BEGIN

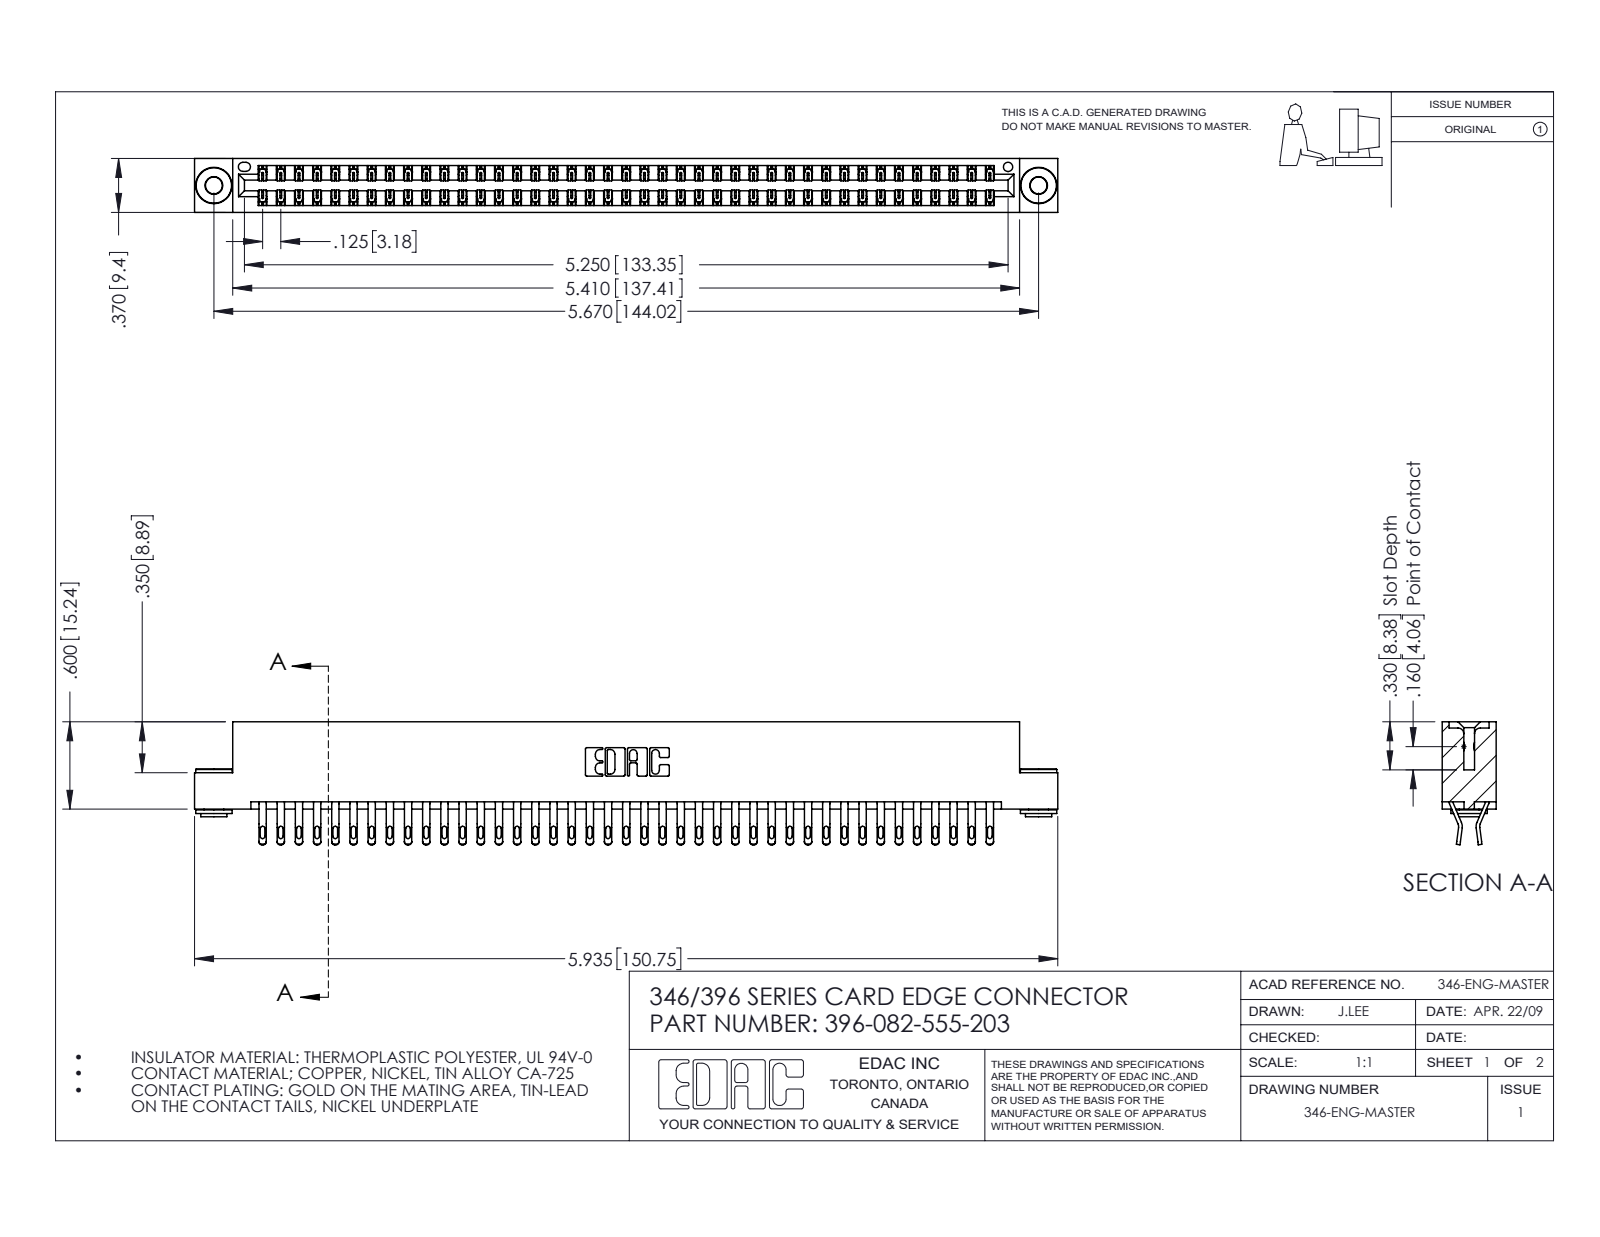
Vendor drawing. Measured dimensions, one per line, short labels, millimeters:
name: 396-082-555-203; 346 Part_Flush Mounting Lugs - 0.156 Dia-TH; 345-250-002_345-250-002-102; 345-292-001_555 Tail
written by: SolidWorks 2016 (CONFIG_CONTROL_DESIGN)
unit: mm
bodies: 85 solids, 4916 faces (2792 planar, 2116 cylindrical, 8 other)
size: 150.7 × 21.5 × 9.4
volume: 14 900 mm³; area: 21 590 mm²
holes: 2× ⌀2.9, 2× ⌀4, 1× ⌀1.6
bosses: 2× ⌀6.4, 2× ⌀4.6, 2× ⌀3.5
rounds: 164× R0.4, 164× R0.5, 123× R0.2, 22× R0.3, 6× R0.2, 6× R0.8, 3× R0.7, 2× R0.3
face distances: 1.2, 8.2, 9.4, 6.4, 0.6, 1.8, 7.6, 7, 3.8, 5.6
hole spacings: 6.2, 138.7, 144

END

** EXERCISE REQUIREMENTS **
Line by line, write out the material above exactly, with no images.

** YOUR SOLUTION **
Vendor drawing. Measured dimensions, one per line, short labels, millimeters:
name: 396-082-555-203; 346 Part_Flush Mounting Lugs - 0.156 Dia-TH; 345-250-002_345-250-002-102; 345-292-001_555 Tail
written by: SolidWorks 2016 (CONFIG_CONTROL_DESIGN)
unit: mm
bodies: 85 solids, 4916 faces (2792 planar, 2116 cylindrical, 8 other)
size: 150.7 × 21.5 × 9.4
volume: 14 900 mm³; area: 21 590 mm²
holes: 2× ⌀2.9, 2× ⌀4, 1× ⌀1.6
bosses: 2× ⌀6.4, 2× ⌀4.6, 2× ⌀3.5
rounds: 164× R0.4, 164× R0.5, 123× R0.2, 22× R0.3, 6× R0.2, 6× R0.8, 3× R0.7, 2× R0.3
face distances: 1.2, 8.2, 9.4, 6.4, 0.6, 1.8, 7.6, 7, 3.8, 5.6
hole spacings: 6.2, 138.7, 144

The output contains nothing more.